The power of LinkedIn to shape the trend of the industry
Among the topics discussed and seen at the conference are by far the 5 hottest ones:
- Apache Kafka – a high-throughput distributed messaging system is by far the hottest topic of the conference. Kafka has seen a tremendous development cycle: starting at LinkedIn it scaled from zero to a trillion processed messages per day. Companies like cisco, Netflix, Yahoo, airbnb, ebay or goldman sachs (just to name a few) are using Kafka to massively accelerate and simplify their data platforms.
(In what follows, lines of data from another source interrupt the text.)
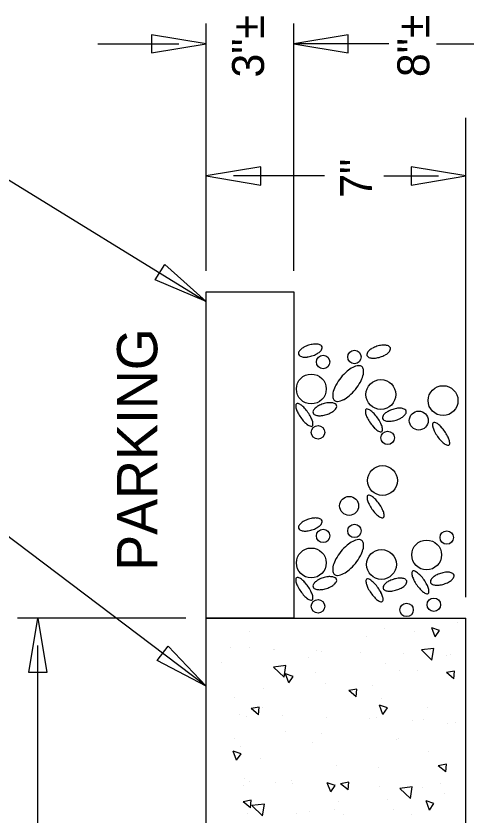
# Model space of a CAD drawing. Extents: x 0 to 8.5, y 0 to 11.
# Drawn here: x 4.503 to 5.35, y 8.342 to 9.844 of the extents above; entities that cross this region are included whole.
import ezdxf

# ---------------------------------------------------------------- set-up
doc = ezdxf.new("R2010")
doc.units = 0
for name, color, linetype in [('Default', 7, 'Continuous'), ('DTL-ASPHALT', 7, 'Continuous'), ('DTL-CONCRETE', 7, 'Continuous'), ('DTL-GRAVEL', 7, 'Continuous'), ('DTL-TEXT', 7, 'Continuous'), ('Old_Level_11', 7, 'Continuous')]:
    doc.layers.add(name, color=color, linetype=linetype)

# ---------------------------------------------------------------- blocks, each defined once
blk = doc.blocks.new('POINT_DISPLAY')
at = {"layer": 'Default'}
blk.add_line((0, 0), (0, 0), dxfattribs=at)

msp = doc.modelspace()

# ---------------------------------------------------------------- linework, layer by layer
at = {"layer": 'DTL-ASPHALT'}
for p, q in [((4.8601, 9.3654), (4.8601, 9.6147)), ((4.8601, 8.7137), (4.8601, 9.326))]:
    msp.add_line(p, q, dxfattribs=at)
msp.add_lwpolyline([(5.0244, 8.7137), (4.8601, 8.7137), (4.8601, 9.326), (5.0244, 9.326)], close=True, dxfattribs=at)
at = {"layer": 'DTL-CONCRETE'}
for p, q in [((4.8601, 8.7137), (5.1523, 8.7137)), ((4.8601, 7.0579), (4.8601, 8.7137)), ((5.1523, 8.7137), (5.3471, 8.7137)), ((5.3471, 7.6362), (5.3471, 8.7137)), ((5.29, 8.6783), (5.2834, 8.6953)), ((5.2981, 8.6904), (5.2834, 8.6953)), ((5.3322, 8.7055), (5.3322, 8.7055)), ((4.9423, 8.6883), (4.9423, 8.6883)), ((5.1604, 8.6798), (5.1604, 8.6798)), ((5.1948, 8.6936), (5.1948, 8.6936)), ((5.2506, 8.6876), (5.2506, 8.6876)), ((5.29, 8.6783), (5.2981, 8.6904)), ((4.9059, 8.6583), (4.9059, 8.6583)), ((4.9411, 8.6594), (4.9411, 8.6594)), ((4.9869, 8.6553), (4.9869, 8.6553)), ((4.9884, 8.6548), (4.9884, 8.6548)), ((5.068, 8.6524), (5.068, 8.6524)), ((5.0765, 8.6517), (5.0765, 8.6517)), ((5.1491, 8.6494), (5.1491, 8.6494)), ((5.2871, 8.6567), (5.2639, 8.654)), ((5.2837, 8.635), (5.2639, 8.654)), ((5.2837, 8.635), (5.2871, 8.6567)), ((5.0519, 8.6393), (5.0519, 8.6393)), ((5.2301, 8.6464), (5.2301, 8.6464)), ((5.3112, 8.6435), (5.3112, 8.6435)), ((5.3186, 8.6451), (5.3186, 8.6451)), ((4.8888, 8.63), (4.8888, 8.63)), ((5.0096, 8.6244), (4.9864, 8.6217)), ((5.0062, 8.6027), (4.9864, 8.6217)), ((5.0062, 8.6027), (5.0096, 8.6244)), ((5.1972, 8.6293), (5.1972, 8.6293)), ((5.0153, 8.5922), (5.0088, 8.6092)), ((5.0235, 8.6043), (5.0088, 8.6092)), ((5.0153, 8.5922), (5.0235, 8.6043)), ((5.0649, 8.611), (5.0649, 8.611)), ((5.2221, 8.6149), (5.2221, 8.6149)), ((5.2564, 8.6158), (5.2564, 8.6158)), ((5.3261, 8.6141), (5.3109, 8.6113)), ((5.3249, 8.5995), (5.3109, 8.6113)), ((5.3249, 8.5995), (5.3261, 8.6141)), ((5.0845, 8.5907), (5.0845, 8.5907)), ((4.9683, 8.5808), (4.9683, 8.5808)), ((5.143, 8.5803), (5.1277, 8.5775)), ((5.1417, 8.5657), (5.1277, 8.5775)), ((5.1417, 8.5657), (5.143, 8.5803)), ((5.1725, 8.5876), (5.1725, 8.5876)), ((4.9127, 8.565), (4.9127, 8.565)), ((5.1893, 8.5636), (5.1893, 8.5636)), ((4.9598, 8.5465), (4.9445, 8.5437)), ((4.9585, 8.532), (4.9598, 8.5465)), ((4.9666, 8.5463), (4.9666, 8.5463)), ((5.1919, 8.5329), (5.1854, 8.55)), ((5.2001, 8.5451), (5.1854, 8.55)), ((5.1919, 8.5329), (5.2001, 8.5451)), ((5.275, 8.5456), (5.275, 8.5456)), ((4.923, 8.5333), (4.923, 8.5333)), ((4.9356, 8.5295), (4.9356, 8.5295)), ((4.9585, 8.532), (4.9445, 8.5437)), ((5.0041, 8.5303), (5.0041, 8.5303)), ((5.0851, 8.5273), (5.0851, 8.5273)), ((5.1662, 8.5244), (5.1662, 8.5244)), ((5.1805, 8.5267), (5.1805, 8.5267)), ((5.2473, 8.5214), (5.2473, 8.5214)), ((5.2686, 8.5236), (5.2686, 8.5236)), ((5.3131, 8.5151), (5.3131, 8.5151)), ((5.3283, 8.5184), (5.3283, 8.5184)), ((5.0087, 8.501), (5.0087, 8.501)), ((4.9132, 8.488), (4.9132, 8.488)), ((5.0762, 8.4973), (5.0762, 8.4973)), ((5.2166, 8.4849), (5.2166, 8.4849)), ((5.2215, 8.4873), (5.2215, 8.4873)), ((4.9248, 8.4728), (4.9248, 8.4728)), ((5.0594, 8.481), (5.0594, 8.481)), ((4.9173, 8.4468), (4.9108, 8.4639)), ((4.9255, 8.459), (4.9108, 8.4639)), ((4.9173, 8.4468), (4.9255, 8.4589)), ((5.2766, 8.4626), (5.2766, 8.4626)), ((4.9629, 8.4508), (4.9629, 8.4508)), ((5.3109, 8.4394), (5.2956, 8.4366)), ((5.3096, 8.4249), (5.3109, 8.4394)), ((5.1047, 8.4369), (5.1047, 8.4369)), ((5.1838, 8.4336), (5.1838, 8.4336)), ((5.3096, 8.4249), (5.2956, 8.4366)), ((4.8602, 8.4097), (4.8602, 8.4097)), ((4.9328, 8.4119), (4.9328, 8.4119)), ((4.9301, 8.3995), (4.9301, 8.3995)), ((4.9413, 8.4068), (4.9413, 8.4068)), ((4.991, 8.4043), (4.991, 8.4043)), ((5.0208, 8.4088), (5.0208, 8.4088)), ((5.0223, 8.4038), (5.0223, 8.4038)), ((5.0939, 8.3876), (5.0873, 8.4046)), ((5.1021, 8.3997), (5.0873, 8.4046)), ((5.0939, 8.3876), (5.102, 8.3997)), ((5.1034, 8.4009), (5.1034, 8.4009)), ((5.1277, 8.4056), (5.1124, 8.4028)), ((5.1264, 8.3911), (5.1124, 8.4028)), ((5.1264, 8.3911), (5.1277, 8.4056)), ((5.1845, 8.3979), (5.1845, 8.3979)), ((5.2468, 8.3968), (5.2236, 8.3941)), ((5.2434, 8.3751), (5.2236, 8.3941)), ((5.2434, 8.3751), (5.2468, 8.3968)), ((5.2655, 8.3949), (5.2655, 8.3949)), ((5.2994, 8.4036), (5.2994, 8.4036)), ((5.3076, 8.3851), (5.3076, 8.3851)), ((5.3466, 8.392), (5.3466, 8.392)), ((4.9445, 8.3719), (4.9293, 8.369)), ((4.9432, 8.3573), (4.9293, 8.369)), ((4.9432, 8.3573), (4.9445, 8.3719)), ((4.9693, 8.3645), (4.9461, 8.3618)), ((4.9659, 8.3428), (4.9693, 8.3645)), ((5.2008, 8.3729), (5.2008, 8.3729)), ((5.2794, 8.3533), (5.2729, 8.3704)), ((5.2876, 8.3655), (5.2729, 8.3704)), ((5.2794, 8.3533), (5.2876, 8.3655)), ((4.9659, 8.3428), (4.9461, 8.3618)), ((5.0539, 8.351), (5.0539, 8.351)), ((5.1006, 8.3553), (5.1006, 8.3553)), ((5.2111, 8.3549), (5.2111, 8.3549)), ((4.9376, 8.346), (4.9376, 8.346)), ((5.0289, 8.3478), (5.0289, 8.3478)), ((5.1169, 8.3447), (5.1169, 8.3447)), ((5.2459, 8.3452), (5.2459, 8.3452))]:
    msp.add_line(p, q, dxfattribs=at)
at = {"layer": 'DTL-GRAVEL'}
for centre, radius in [((5.0795, 9.1944), 0.0126), ((5.1383, 9.2038), 0.0126), ((5.0574, 9.1437), 0.028), ((5.188, 9.1334), 0.028), ((5.3046, 9.1219), 0.028), ((5.259, 9.0844), 0.0178), ((5.07, 9.0623), 0.0126), ((5.2006, 9.052), 0.0126), ((5.191, 8.9718), 0.028), ((5.1284, 8.9243), 0.0178), ((5.1383, 8.8773), 0.0126), ((5.0795, 8.8679), 0.0126), ((5.3115, 8.8649), 0.0126), ((5.2738, 8.8322), 0.028), ((5.0574, 8.8172), 0.028), ((5.189, 8.8144), 0.028), ((5.07, 8.7358), 0.0126), ((5.2362, 8.729), 0.0126), ((5.2873, 8.7388), 0.0126)]:
    msp.add_circle(centre, radius, dxfattribs=at)
for centre, radius, start, end in [((5.058, 9.1954), 0.0304, 118.2722, 132.0822), ((5.0676, 9.1776), 0.0506, 107.5826, 118.2722), ((5.0676, 9.1776), 0.0506, 96.893, 107.5826), ((5.0652, 9.1977), 0.0304, 83.0831, 96.893), ((5.0668, 9.2113), 0.0167, 59.8512, 83.0831), ((5.0726, 9.2212), 0.0052, 17.5826, 59.8512), ((5.0726, 9.2212), 0.0052, 335.3141, 17.5826), ((5.1863, 9.1934), 0.0304, 118.2722, 132.0822), ((5.1959, 9.1756), 0.0506, 107.5826, 118.2722), ((5.1959, 9.1756), 0.0506, 96.893, 107.5826), ((5.1935, 9.1957), 0.0304, 83.0831, 96.893), ((5.1951, 9.2093), 0.0167, 59.8512, 83.0831), ((5.2009, 9.2192), 0.0052, 17.5826, 59.8512), ((5.2009, 9.2192), 0.0052, 335.3141, 17.5826), ((5.0384, 9.2104), 0.0052, 155.3141, 197.5826), ((5.0384, 9.2104), 0.0052, 197.5826, 239.8512), ((5.0488, 9.2056), 0.0167, 132.0822, 155.3141), ((5.0442, 9.2203), 0.0167, 239.8512, 263.0831), ((5.0434, 9.254), 0.0506, 276.893, 287.5826), ((5.0434, 9.254), 0.0506, 287.5826, 298.2722), ((5.053, 9.2362), 0.0304, 298.2722, 312.0822), ((5.0622, 9.226), 0.0167, 312.0822, 335.3141), ((5.1667, 9.2084), 0.0052, 155.3141, 197.5826), ((5.1667, 9.2084), 0.0052, 197.5826, 239.8512), ((5.1771, 9.2036), 0.0167, 132.0822, 155.3141), ((5.1717, 9.252), 0.0506, 287.5826, 298.2722), ((5.1813, 9.2342), 0.0304, 298.2722, 312.0822), ((5.1905, 9.224), 0.0167, 312.0822, 335.3141), ((5.0458, 9.2339), 0.0304, 263.0831, 276.893), ((5.1725, 9.2183), 0.0167, 239.8512, 263.0831), ((5.1741, 9.232), 0.0304, 263.0831, 276.893), ((5.1717, 9.252), 0.0506, 276.893, 287.5826), ((5.1868, 9.1051), 0.0951, 130.9175, 140.9829), ((5.1612, 9.1347), 0.056, 117.7861, 130.9175), ((5.1489, 9.1579), 0.0297, 95.0094, 117.7861), ((5.1471, 9.1793), 0.00824, 50.9829, 95.0094), ((5.1471, 9.1793), 0.00824, 6.9564, 50.9829), ((5.1258, 9.1767), 0.0297, 344.1797, 6.9564), ((5.1868, 9.1051), 0.0951, 140.9829, 151.0483), ((5.1005, 9.1839), 0.056, 331.0483, 344.1797), ((5.1526, 9.124), 0.056, 151.0483, 164.1797), ((5.0662, 9.2028), 0.0951, 320.9829, 331.0483), ((5.1273, 9.1312), 0.0297, 164.1797, 186.9564), ((5.0919, 9.1732), 0.056, 297.7861, 310.9175), ((5.0662, 9.2028), 0.0951, 310.9175, 320.9829), ((5.0315, 9.1133), 0.00323, 125.0965, 176.964), ((5.0315, 9.1133), 0.00323, 73.2289, 125.0965), ((5.0266, 9.097), 0.0203, 53.1091, 73.2289), ((5.0948, 9.0676), 0.0506, 107.5826, 118.2722), ((5.0948, 9.0676), 0.0506, 96.893, 107.5826), ((5.0924, 9.0876), 0.0304, 83.0831, 96.893), ((5.094, 9.1013), 0.0167, 59.8512, 83.0831), ((5.106, 9.1286), 0.00824, 186.9564, 230.9829), ((5.106, 9.1286), 0.00824, 230.9829, 275.0094), ((5.0998, 9.1112), 0.0052, 17.5826, 59.8512), ((5.1041, 9.15), 0.0297, 275.0094, 297.7861), ((5.0485, 9.1124), 0.0203, 176.964, 197.0838), ((5.0705, 9.1191), 0.0432, 197.0838, 207.4256), ((5.0128, 9.0786), 0.0432, 42.7673, 53.1091), ((4.9869, 9.0547), 0.0785, 35.0965, 42.7673), ((4.9869, 9.0547), 0.0785, 27.4256, 35.0965), ((5.0656, 9.1003), 0.0052, 155.3141, 197.5826), ((5.076, 9.0955), 0.0167, 132.0822, 155.3141), ((5.0852, 9.0854), 0.0304, 118.2722, 132.0822), ((5.0802, 9.1261), 0.0304, 298.2722, 312.0822), ((5.0894, 9.116), 0.0167, 312.0822, 335.3141), ((5.0998, 9.1112), 0.0052, 335.3141, 17.5826), ((5.1621, 9.103), 0.00323, 125.0965, 176.964), ((5.1791, 9.1021), 0.0203, 176.964, 197.0838), ((5.1621, 9.103), 0.00323, 73.2289, 125.0965), ((5.1572, 9.0866), 0.0203, 53.1091, 73.2289), ((5.1434, 9.0683), 0.0432, 42.7673, 53.1091), ((5.2158, 9.075), 0.0304, 118.2722, 132.0822), ((5.2254, 9.0572), 0.0506, 107.5826, 118.2722), ((5.2254, 9.0572), 0.0506, 96.893, 107.5826), ((5.223, 9.0773), 0.0304, 83.0831, 96.893), ((5.2246, 9.0909), 0.0167, 59.8512, 83.0831), ((5.2304, 9.1008), 0.0052, 17.5826, 59.8512), ((5.2304, 9.1008), 0.0052, 335.3141, 17.5826), ((5.1018, 9.1354), 0.0785, 207.4256, 215.0965), ((5.1018, 9.1354), 0.0785, 215.0965, 222.7673), ((5.0182, 9.0709), 0.0432, 17.0838, 27.4256), ((5.0656, 9.1003), 0.0052, 197.5826, 239.8512), ((5.0714, 9.1103), 0.0167, 239.8512, 263.0831), ((5.073, 9.1239), 0.0304, 263.0831, 276.893), ((5.0706, 9.144), 0.0506, 276.893, 287.5826), ((5.0706, 9.144), 0.0506, 287.5826, 298.2722), ((5.2011, 9.1088), 0.0432, 197.0838, 207.4256), ((5.2324, 9.125), 0.0785, 207.4256, 215.0965), ((5.1175, 9.0443), 0.0785, 35.0965, 42.7673), ((5.1175, 9.0443), 0.0785, 27.4256, 35.0965), ((5.1962, 9.09), 0.0052, 155.3141, 197.5826), ((5.1962, 9.09), 0.0052, 197.5826, 239.8512), ((5.2066, 9.0852), 0.0167, 132.0822, 155.3141), ((5.202, 9.0999), 0.0167, 239.8512, 263.0831), ((5.2012, 9.1336), 0.0506, 276.893, 287.5826), ((5.2012, 9.1336), 0.0506, 287.5826, 298.2722), ((5.2108, 9.1158), 0.0304, 298.2722, 312.0822), ((5.22, 9.1056), 0.0167, 312.0822, 335.3141), ((5.0759, 9.1114), 0.0432, 222.7673, 233.1091), ((5.0621, 9.0931), 0.0203, 233.1091, 253.2289), ((5.0572, 9.0768), 0.00323, 253.2289, 305.0965), ((5.0572, 9.0768), 0.00323, 305.0965, 356.964), ((5.0402, 9.0777), 0.0203, 356.964, 17.0838), ((5.2324, 9.125), 0.0785, 215.0965, 222.7673), ((5.2065, 9.1011), 0.0432, 222.7673, 233.1091), ((5.1488, 9.0606), 0.0432, 17.0838, 27.4256), ((5.1708, 9.0673), 0.0203, 356.964, 17.0838), ((5.2036, 9.1135), 0.0304, 263.0831, 276.893), ((5.3051, 9.0768), 0.0203, 176.964, 197.0838), ((5.2881, 9.0777), 0.00323, 125.0965, 176.964), ((5.3271, 9.0836), 0.0432, 197.0838, 207.4256), ((5.2881, 9.0777), 0.00323, 73.2289, 125.0965), ((5.2832, 9.0614), 0.0203, 53.1091, 73.2289), ((5.2694, 9.043), 0.0432, 42.7673, 53.1091), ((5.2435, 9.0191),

- Apache Spark – a lightning fast cluster computing engine for large-scale data is at use or is planned to be used in all data platforms. Its ability to scale proportionally with the underlying data and its usability in Java, Scala, R and especially python make it a fix point in the Big Data zoo.
- Python – its ability to provide fast and easy access to both Kafka streams and Spark analytics and the vast amount of Data Science libraries make it an essential programming language. Applications on top of Python like Jupyter Notebook open up new possibilities to data scientists to create and share code, equations or visualizations in their community.
- Apache Avro – a data serialization system is a very technical but essential topic. It touches the ever growing needs of network communication and the necessity to make the communication language robust against future schema changes.
- Apache Cassandra – a scalable and highly available database. Interestingly enough, the venue being a Hadoop conference the speakers and audience have placed Cassandra as their tool of choice. The trend goes from separate batch and real-time components to one single component capable of serving both use cases: Cassandra.
5 Hottest Sessions
- Architecting a data platform – a tutorial provided by Silicon Valley Data Science
- Data 101 – a tutorial provided by O’Reilly, DataStax, Silicon Valley Data Science, Impact Lab, LinkedIn and Galvanize
- Process, store, and analyze like a boss with Team Apache: Kafka, Spark, and Cassandra – a tutorial provided by DataStax
- Data Liberation – a talk held by Martin Kleppmann (Independent). The slides shown can be downloaded here.
- Big data at Netflix: Faster and easier – a talk held by Kurt Brown (Netflix). The slides shown can be downloaded here.
5 Hottest Keynotes
- What 50 million users in 7 days can teach us about big data – Joseph Sirosh (CVP Machine Learning, Microsoft) – A very illustrative talk on what can all go wrong when a service is launched globally and also about the necessity of trial and error in Big Data projects.
- Context Computing – Jeff Jonas (IBM Fellow and Chief Scientist)
- Unleashing the power of big data today (a Splunk story) – Jim McHugh (VP Marketing Cisco)
- Declarative machine learning – Shivakumar Vaithyanathan (IBM)
- Haunted by Data – Maciej Ceglowski (Idle Words) – some deep thoughts on technology boundaries vs. etic boundaries[SS2] .
Trial is not an option
Visiting the conference has shown two major aspects
- SAP XM is facing an incredibly interesting opportunity in the market and has tremendous advantages over early adopters of data platforms: the community has developed extremely powerful and stable tools and starting from scratch without the worries of any legacy allows the free choice of best-of-breed solutions.
- The number of available tools covering every aspect of the platform is immense making the combinatorics of all possible setups seem infinite. Our goal is now to find a small set of setups best suited for our use case, test and choose the best.
Trial is not an option – it’s a design pattern for data platforms as there is always another bottleneck.